# [WHAT THE TASK ASKS]
Quote all of the data that follows exactly as written, skipping the images.

#### EXERCISE MATERIALS

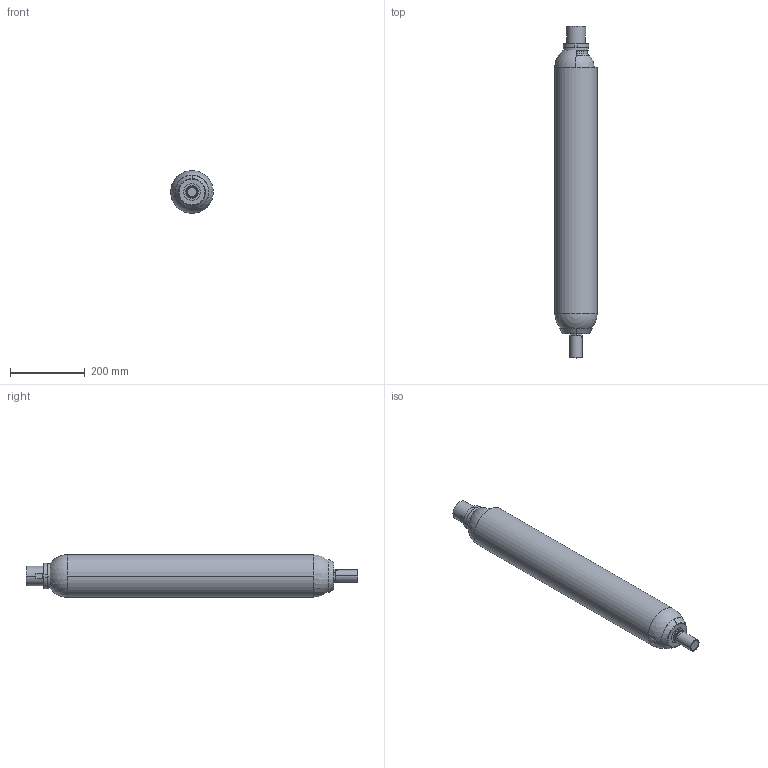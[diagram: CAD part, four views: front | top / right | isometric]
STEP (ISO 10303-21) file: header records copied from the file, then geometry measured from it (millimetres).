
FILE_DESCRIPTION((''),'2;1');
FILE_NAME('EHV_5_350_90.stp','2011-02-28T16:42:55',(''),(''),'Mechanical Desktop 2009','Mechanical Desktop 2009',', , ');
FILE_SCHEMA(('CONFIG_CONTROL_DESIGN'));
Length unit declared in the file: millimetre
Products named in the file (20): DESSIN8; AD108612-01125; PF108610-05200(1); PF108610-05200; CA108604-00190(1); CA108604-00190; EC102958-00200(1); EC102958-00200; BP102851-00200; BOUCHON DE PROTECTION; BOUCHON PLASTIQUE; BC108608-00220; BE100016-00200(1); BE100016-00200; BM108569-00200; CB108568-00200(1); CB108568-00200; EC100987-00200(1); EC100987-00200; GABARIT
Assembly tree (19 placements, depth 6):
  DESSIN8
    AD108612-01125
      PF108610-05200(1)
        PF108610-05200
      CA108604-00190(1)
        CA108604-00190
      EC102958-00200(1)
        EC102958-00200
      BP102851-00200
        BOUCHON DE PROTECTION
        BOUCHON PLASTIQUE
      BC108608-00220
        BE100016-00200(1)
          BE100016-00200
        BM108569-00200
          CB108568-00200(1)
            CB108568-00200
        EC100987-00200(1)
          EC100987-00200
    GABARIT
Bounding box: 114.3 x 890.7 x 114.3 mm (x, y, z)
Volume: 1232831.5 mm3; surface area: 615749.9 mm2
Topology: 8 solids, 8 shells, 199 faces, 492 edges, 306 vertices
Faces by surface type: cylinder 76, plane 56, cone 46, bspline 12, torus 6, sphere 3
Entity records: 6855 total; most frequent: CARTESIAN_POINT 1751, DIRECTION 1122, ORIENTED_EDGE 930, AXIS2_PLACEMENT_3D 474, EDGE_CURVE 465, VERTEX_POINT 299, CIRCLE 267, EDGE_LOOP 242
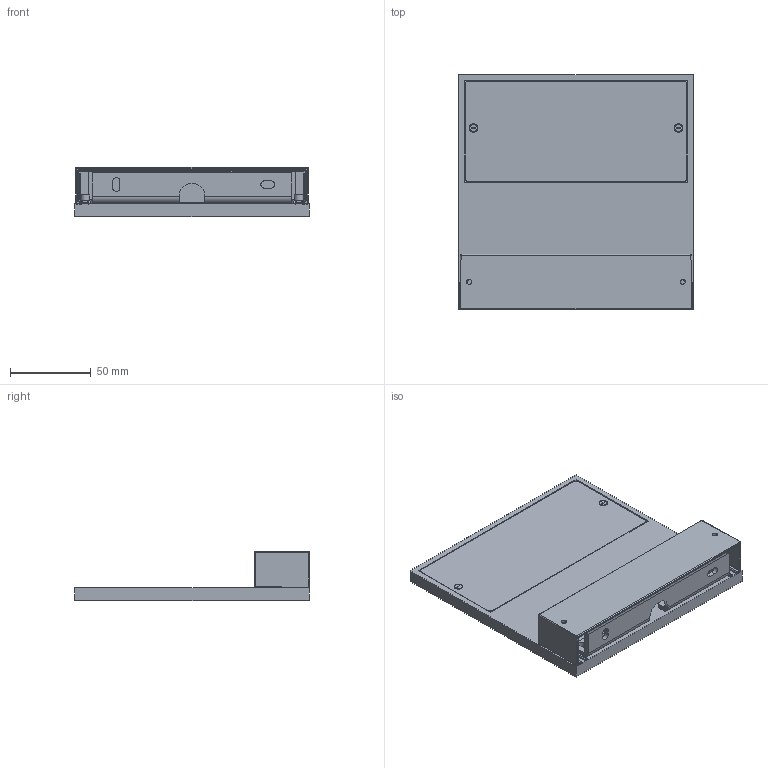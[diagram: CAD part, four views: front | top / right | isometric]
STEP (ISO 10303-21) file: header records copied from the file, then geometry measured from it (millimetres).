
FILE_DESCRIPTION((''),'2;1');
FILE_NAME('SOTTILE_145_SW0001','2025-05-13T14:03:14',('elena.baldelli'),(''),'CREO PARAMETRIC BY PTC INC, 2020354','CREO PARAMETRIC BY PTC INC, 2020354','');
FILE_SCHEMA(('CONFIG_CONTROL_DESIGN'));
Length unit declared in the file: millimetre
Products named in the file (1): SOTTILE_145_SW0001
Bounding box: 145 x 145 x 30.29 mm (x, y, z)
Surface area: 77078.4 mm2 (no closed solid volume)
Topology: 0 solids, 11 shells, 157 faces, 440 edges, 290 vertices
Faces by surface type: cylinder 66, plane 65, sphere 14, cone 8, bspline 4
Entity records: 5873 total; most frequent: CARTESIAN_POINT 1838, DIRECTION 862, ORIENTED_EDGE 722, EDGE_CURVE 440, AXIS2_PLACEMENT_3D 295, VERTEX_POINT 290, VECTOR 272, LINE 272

########

# [SOLVED PROBLEM]
[diagram: CAD part, four views: front | top / right | isometric]
STEP (ISO 10303-21) file: header records copied from the file, then geometry measured from it (millimetres).
FILE_DESCRIPTION((''),'2;1');
FILE_NAME('EHV_5_350_90.stp','2011-02-28T16:42:55',(''),(''),'Mechanical Desktop 2009','Mechanical Desktop 2009',', , ');
FILE_SCHEMA(('CONFIG_CONTROL_DESIGN'));
Length unit declared in the file: millimetre
Products named in the file (20): DESSIN8; AD108612-01125; PF108610-05200(1); PF108610-05200; CA108604-00190(1); CA108604-00190; EC102958-00200(1); EC102958-00200; BP102851-00200; BOUCHON DE PROTECTION; BOUCHON PLASTIQUE; BC108608-00220; BE100016-00200(1); BE100016-00200; BM108569-00200; CB108568-00200(1); CB108568-00200; EC100987-00200(1); EC100987-00200; GABARIT
Assembly tree (19 placements, depth 6):
  DESSIN8
    AD108612-01125
      PF108610-05200(1)
        PF108610-05200
      CA108604-00190(1)
        CA108604-00190
      EC102958-00200(1)
        EC102958-00200
      BP102851-00200
        BOUCHON DE PROTECTION
        BOUCHON PLASTIQUE
      BC108608-00220
        BE100016-00200(1)
          BE100016-00200
        BM108569-00200
          CB108568-00200(1)
            CB108568-00200
        EC100987-00200(1)
          EC100987-00200
    GABARIT
Bounding box: 114.3 x 890.7 x 114.3 mm (x, y, z)
Volume: 1232831.5 mm3; surface area: 615749.9 mm2
Topology: 8 solids, 8 shells, 199 faces, 492 edges, 306 vertices
Faces by surface type: cylinder 76, plane 56, cone 46, bspline 12, torus 6, sphere 3
Entity records: 6855 total; most frequent: CARTESIAN_POINT 1751, DIRECTION 1122, ORIENTED_EDGE 930, AXIS2_PLACEMENT_3D 474, EDGE_CURVE 465, VERTEX_POINT 299, CIRCLE 267, EDGE_LOOP 242
[diagram: CAD part, four views: front | top / right | isometric]
STEP (ISO 10303-21) file: header records copied from the file, then geometry measured from it (millimetres).
FILE_DESCRIPTION((''),'2;1');
FILE_NAME('SOTTILE_145_SW0001','2025-05-13T14:03:14',('elena.baldelli'),(''),'CREO PARAMETRIC BY PTC INC, 2020354','CREO PARAMETRIC BY PTC INC, 2020354','');
FILE_SCHEMA(('CONFIG_CONTROL_DESIGN'));
Length unit declared in the file: millimetre
Products named in the file (1): SOTTILE_145_SW0001
Bounding box: 145 x 145 x 30.29 mm (x, y, z)
Surface area: 77078.4 mm2 (no closed solid volume)
Topology: 0 solids, 11 shells, 157 faces, 440 edges, 290 vertices
Faces by surface type: cylinder 66, plane 65, sphere 14, cone 8, bspline 4
Entity records: 5873 total; most frequent: CARTESIAN_POINT 1838, DIRECTION 862, ORIENTED_EDGE 722, EDGE_CURVE 440, AXIS2_PLACEMENT_3D 295, VERTEX_POINT 290, VECTOR 272, LINE 272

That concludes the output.